Самое плохое — заступить на «нулевку», пост номер ноль. Деревянная такая конура у мостика между частью и военгородком. Стоишь около нее и требуешь от снующих туда-сюда офицеров предъявлять пропуска. Хотя знаешь почти каждого в лицо и по фамилии.
Лезть, расстегивая шинель, во внутренний карман по такому морозу никто не хочет. Как и задерживаться на лишние секунды. В лучшем случае посылают куда подальше. Могут и кулаком пихнуть.
Остается тупо отстаивать смену. И вспоминать подвиг генерала Карбышева.
Заступающий на пост облачается в ватные штаны поверх обычных и всовывает ноги, прямо в сапогах, в огромные серые валенки. Надевает бушлат и сверху — шинель. На шинель — невероятного размера вонючий и засаленный тулуп.
Тулуп и валенки одни на всех, надевают их прямо на посту. Иначе и нельзя — двигаться в них невозможно. Шагу не сделаешь.
Паша Секс решил все-таки немного походить и попрыгать, согреться. Опрокинулся во всем этом облачении на спину и подняться уже не смог. Дело было ночью. Мороз, звезды. Деревья постреливают. Так и лежал, как перевернутый жук, почти полчаса, пока патруль его не заметил.
Отделался Паша легко — только нос обморозил.
После этого случая всех заступивших на пост обязали каждые пять минут по громкой связи связываться с КПП. Докладывать, что жив пока.
Меня на «нулевку» не ставят — мои сапоги не пролазят даже в эти универсальные валенки. Да и с самими сапогами беда — замены на новые не нашлось, донашиваю старые, еще в карантине выданные. Подошва вот-вот отвалится.
Тяжелее всех это переносит Сахнюк:
— Вот так вы всегда, москвичи, суки, откашиваете! А мы, блядь, за вас все делать должны, да?! Я — на мороз, а ты в тепле свою жопу держать!..
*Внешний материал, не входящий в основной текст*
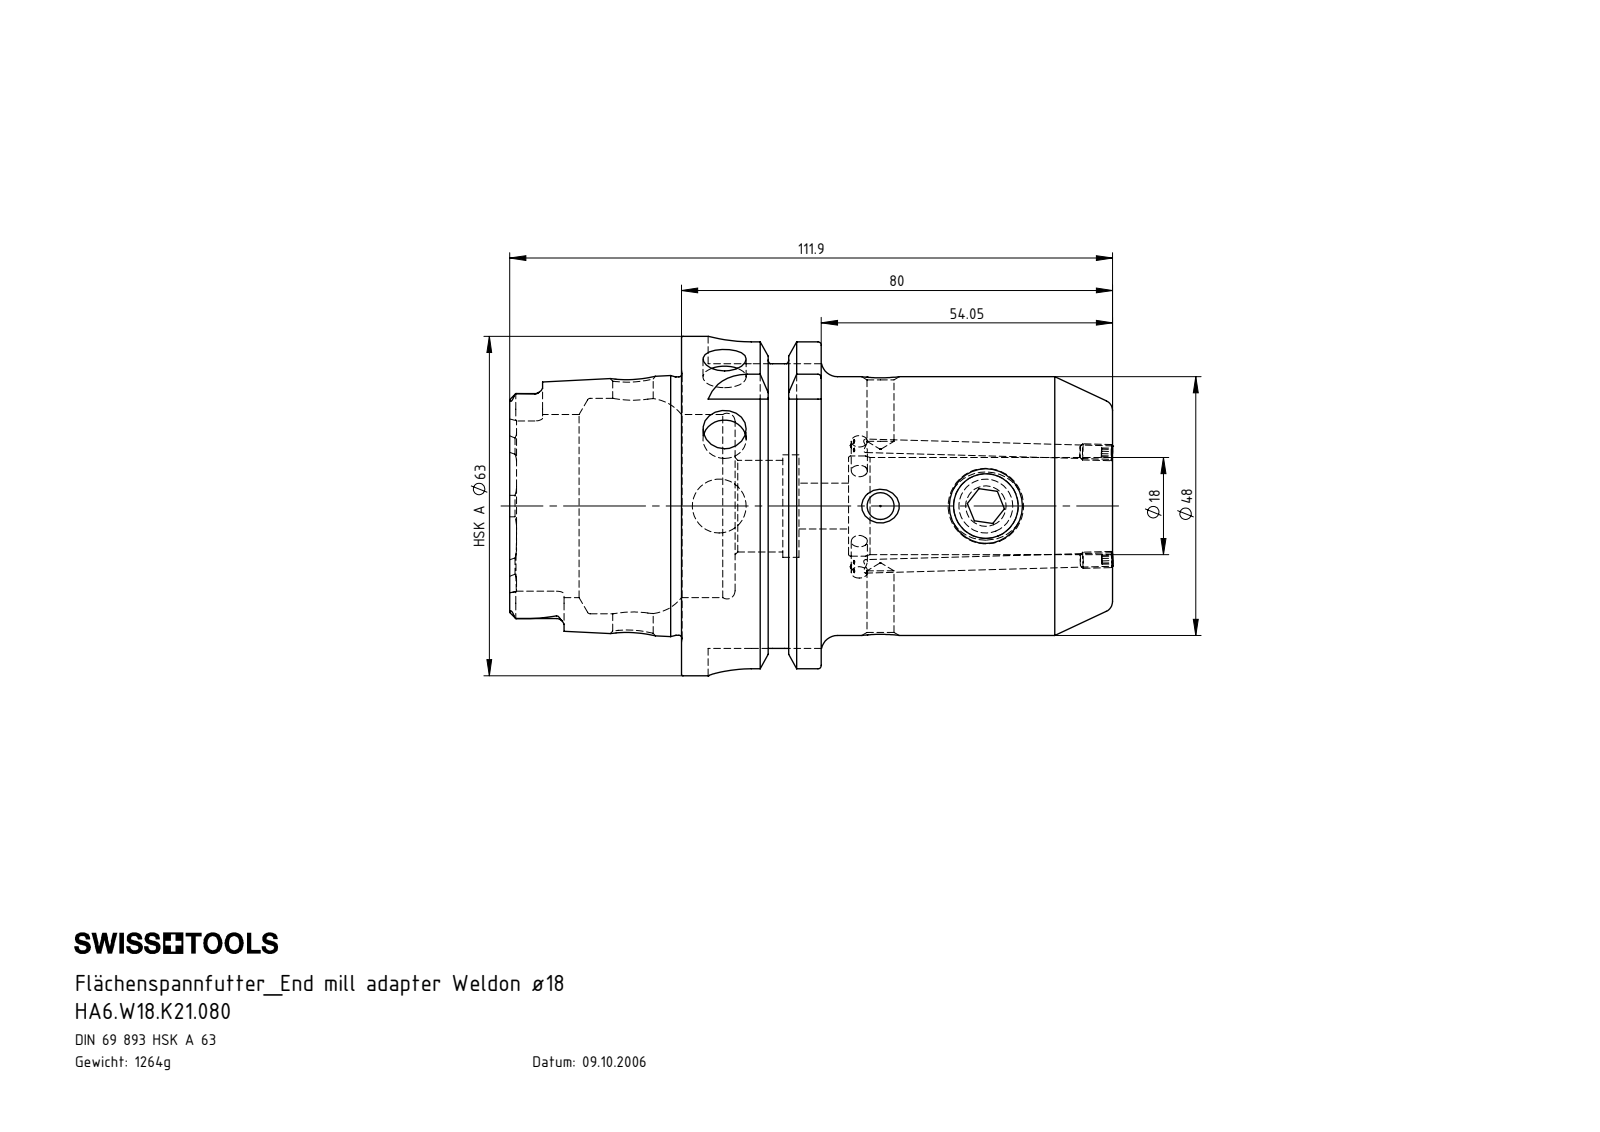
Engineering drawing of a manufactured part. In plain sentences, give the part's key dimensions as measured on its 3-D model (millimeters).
The part is named "HA6.W18.K21.080; ERU-CJ2.001.006; W16-ER1.001.016; HA6-W18.K21.080_B_Fertigbearbeitung". Its 3-D file was written by "SolidWorks 2012 (CONFIG_CONTROL_DESIGN)". It is 4 solids with 292 faces: 78 planar, 86 cylindrical and 128 other. Overall it measures 111.98 by 63 by 63 millimeters. Its volume is 160 954 cubic millimeters and its surface area 35 801 square millimeters. Round holes: 2 of diameter 2.5, 2 of diameter 5, 2 of diameter 8, 1 of diameter 3, 1 of diameter 7.5, 1 of diameter 8.5, 1 of diameter 10, 1 of diameter 12, 1 of diameter 17, 1 of diameter 18, 1 of diameter 18.6, 1 of diameter 19. Round bosses or shafts: 2 of diameter 3, 1 of diameter 63, 1 of diameter 54.95, 1 of diameter 48, 1 of diameter 47.94, 1 of diameter 14. Partial cylindrical surfaces (rounded edges, fillets, slot ends): 6 of radius 1.4, 4 of radius 2.88, 4 of radius 8, 1 of radius 10.56. The main face-to-face distances are 80, 25.95, 54.05, 16, 9.95, 70.05, 52.8, 31.9, 41.85, 57.85. The hole center spacings are 19.55, 29.95, 45.95, 49.5.

— Гитлер, заглохни! — вступается за меня Череп. — Просто повезло чуваку… Не хуя завидовать:
Вздохнув, добавляет:
— Мне бы такие ласты: Тоже в дежурке посидел бы: Бля:
Гитлер, хлопнув дверью, убегает на пост менять побелевшего там уже Кицу.
Вечером нас сменяют.
С одной стороны — хорошо. На завтра, по прогнозу, потепление со снегом. А значит — скребок в руки и на плац. И до конца наряда ты с него уже не вылезешь.
С другой стороны, в казарме сегодня тоже не сахар. Из караула должны вернуться Борода с Соломоном. Ладно, если одним только «принеси-подай» обойдется…
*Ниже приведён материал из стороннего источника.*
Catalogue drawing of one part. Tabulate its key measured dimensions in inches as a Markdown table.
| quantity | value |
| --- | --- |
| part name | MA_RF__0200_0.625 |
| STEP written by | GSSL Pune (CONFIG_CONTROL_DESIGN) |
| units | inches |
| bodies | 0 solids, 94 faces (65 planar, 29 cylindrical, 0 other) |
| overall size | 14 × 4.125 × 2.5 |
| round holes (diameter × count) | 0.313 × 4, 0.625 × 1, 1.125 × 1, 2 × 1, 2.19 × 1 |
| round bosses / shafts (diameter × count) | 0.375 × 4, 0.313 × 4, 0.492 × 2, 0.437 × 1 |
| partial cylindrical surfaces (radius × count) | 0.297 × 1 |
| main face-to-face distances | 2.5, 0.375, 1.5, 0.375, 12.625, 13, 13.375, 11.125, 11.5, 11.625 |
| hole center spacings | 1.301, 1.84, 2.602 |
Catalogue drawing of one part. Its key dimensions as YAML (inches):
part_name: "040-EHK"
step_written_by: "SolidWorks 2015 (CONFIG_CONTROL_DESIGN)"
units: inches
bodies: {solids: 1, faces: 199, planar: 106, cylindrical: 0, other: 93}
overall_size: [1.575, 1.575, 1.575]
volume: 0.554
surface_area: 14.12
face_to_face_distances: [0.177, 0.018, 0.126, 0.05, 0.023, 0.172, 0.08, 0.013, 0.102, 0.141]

Едва заходим, дневальный таращит глаза:
— Борода всех взводовских в каптерку созвал! Дуйте туда живо!..
Нас четверо — Череп, Гитлер, Кица и я. Остальные наши в наряде.
С нехорошим чувством стучим в дверь.
Там человек десять. На тюках с бельем сидят наши старые — Борода, Соломон, Дьячко, Пеплов и Самохин. Осенники, во главе с Колбасой, стоят вдоль стеллажей.
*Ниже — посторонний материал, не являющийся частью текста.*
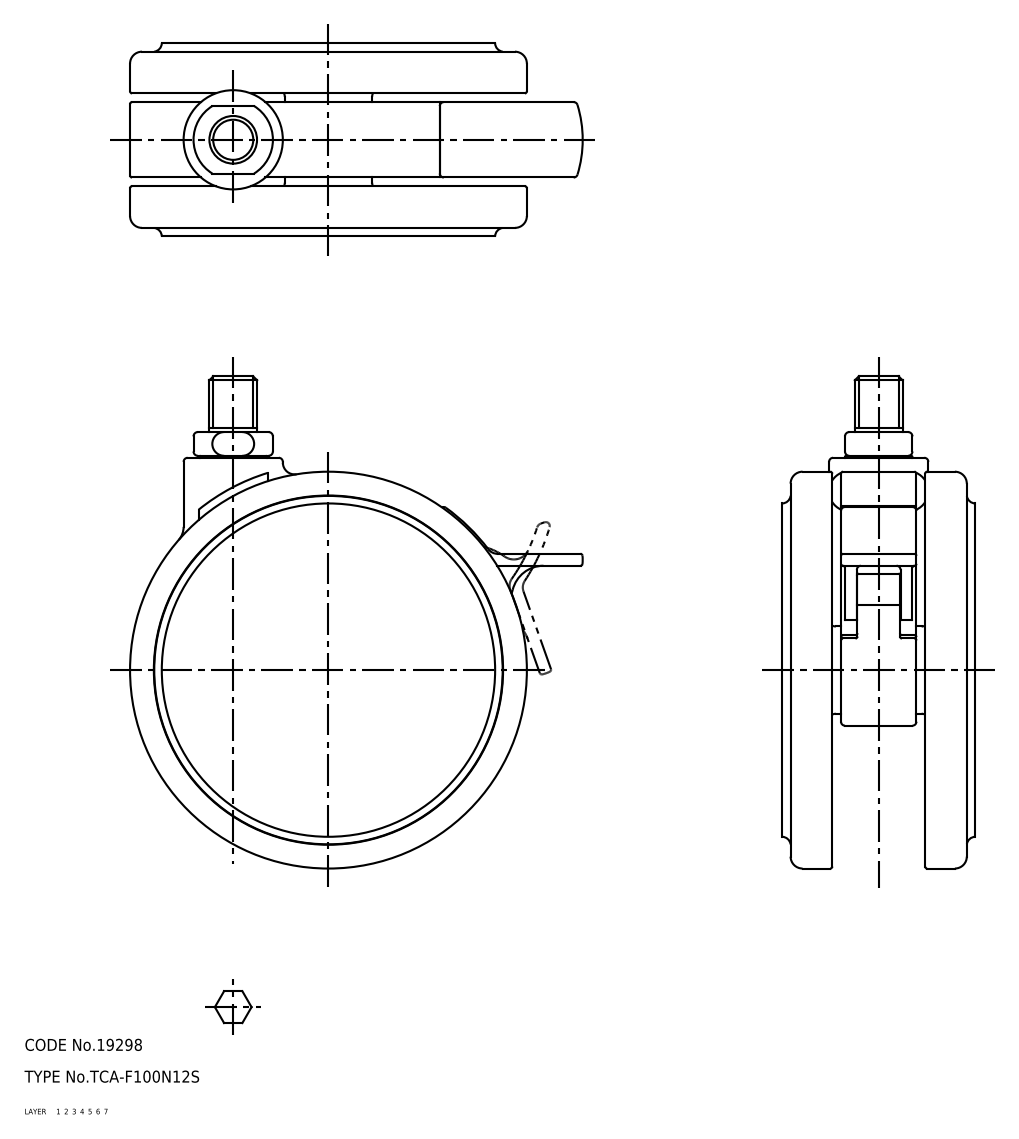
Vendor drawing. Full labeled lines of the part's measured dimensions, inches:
Part name (STEP PRODUCT): TCA-F100N12S; caster
STEP written by: SolidWorks 2015 (AUTOMOTIVE_DESIGN)
Units: inches
Bodies: 1 solid, 1520 faces (528 planar, 654 cylindrical, 338 other)
Overall size (bounding box): 4.882 × 4.491 × 1.913
Volume: 11.32 in³ · Surface area: 148.3 in²
Round holes (diameter × count): ⌀0.094 ×1, ⌀0.118 ×1, ⌀0.13 ×1, ⌀0.142 ×1, ⌀0.228 ×1, ⌀0.24 ×1, ⌀0.318 ×1, ⌀0.354 ×1, ⌀0.366 ×1, ⌀0.421 ×1, ⌀0.484 ×1, ⌀0.512 ×1
Round bosses / shafts (diameter × count): ⌀3.937 ×1, ⌀3.457 ×1, ⌀0.984 ×1, ⌀0.866 ×1, ⌀0.787 ×1, ⌀0.669 ×1, ⌀0.472 ×1, ⌀0.413 ×1
Partial cylindrical surfaces — rounded edges, fillets, slot ends (radius × count): R0.02 ×63, R0.039 ×61, R0.059 ×21, R0.008 ×18, R0.012 ×17, R0.079 ×16, R0.118 ×7, R0.028 ×2
Main face-to-face distances: 0.071, 1.772, 1.843, 0.142, 1.701, 0.496, 1.276, 0.354, 1.417, 0.425
Hole centre spacings: 0.843, 1.18, 1.732
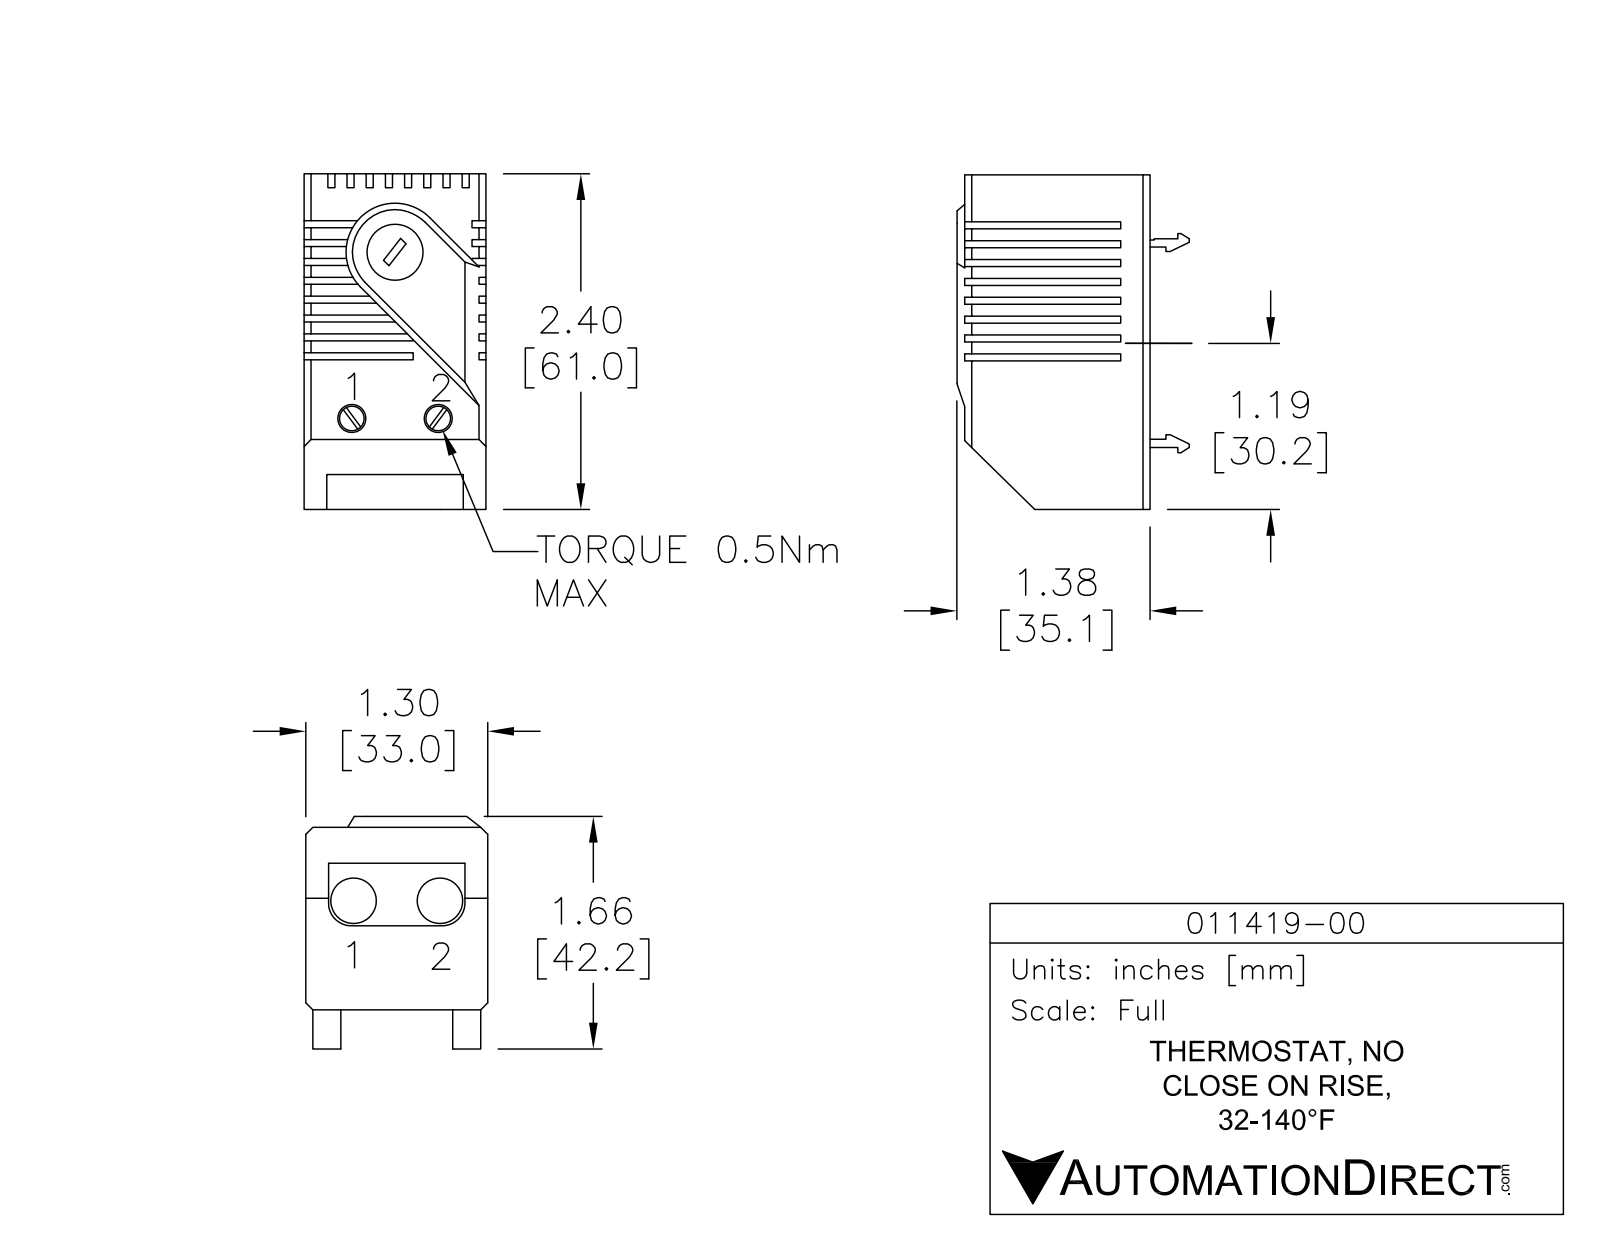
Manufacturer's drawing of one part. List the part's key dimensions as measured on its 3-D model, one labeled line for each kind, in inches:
Part name (STEP PRODUCT): 011419-00
STEP written by: SolidWorks 2013 (AUTOMOTIVE_DESIGN)
Units: inches
Bodies: 1 solid, 424 faces (392 planar, 18 cylindrical, 14 other)
Overall size (bounding box): 2.358 × 1.67 × 1.303
Volume: 3.565 in³ · Surface area: 28.9 in²
Round holes (diameter × count): ⌀0.12 ×2, ⌀0.245 ×2
Round bosses / shafts (diameter × count): ⌀0.38 ×1, ⌀0.3 ×1, ⌀0.294 ×1
Partial cylindrical surfaces — rounded edges, fillets, slot ends (radius × count): R0.55 ×2, R0.15 ×1
Main face-to-face distances: 0.18, 0.09, 0.27, 0.45, 0.05, 0.36, 0.4, 0.04, 0.13, 0.09
Hole centre spacings: 0.41

Тусклая желтая лампа под потолком. Наледь на окне. Накурено.
Не люблю я такие вот сборища.
— Где ходим, воины?! — замахивается на меня кулаком Борода.
Я пытаюсь припомнить, какие сегодня у нас были залеты.
— Сменились только: Вон, штык-ножи еще даже не сдали:
Борода не слушает. Я вижу, что ему не до нас.
Что-то здесь затевается.
Череп глазами показывает на Соломона.
Тот сидит на одном из тюков, ссутулившись и свесив свои обезьяньи руки до полу. Губа его, и без того вечно отвисшая, теперь разбухла и потемнела. Нос тоже разбит, но кровь уже не идет.
Видок у Соломона тот еще:
Борода собран и внешне спокоен. Лишь глаза блестят и прыгают по нашим лицам.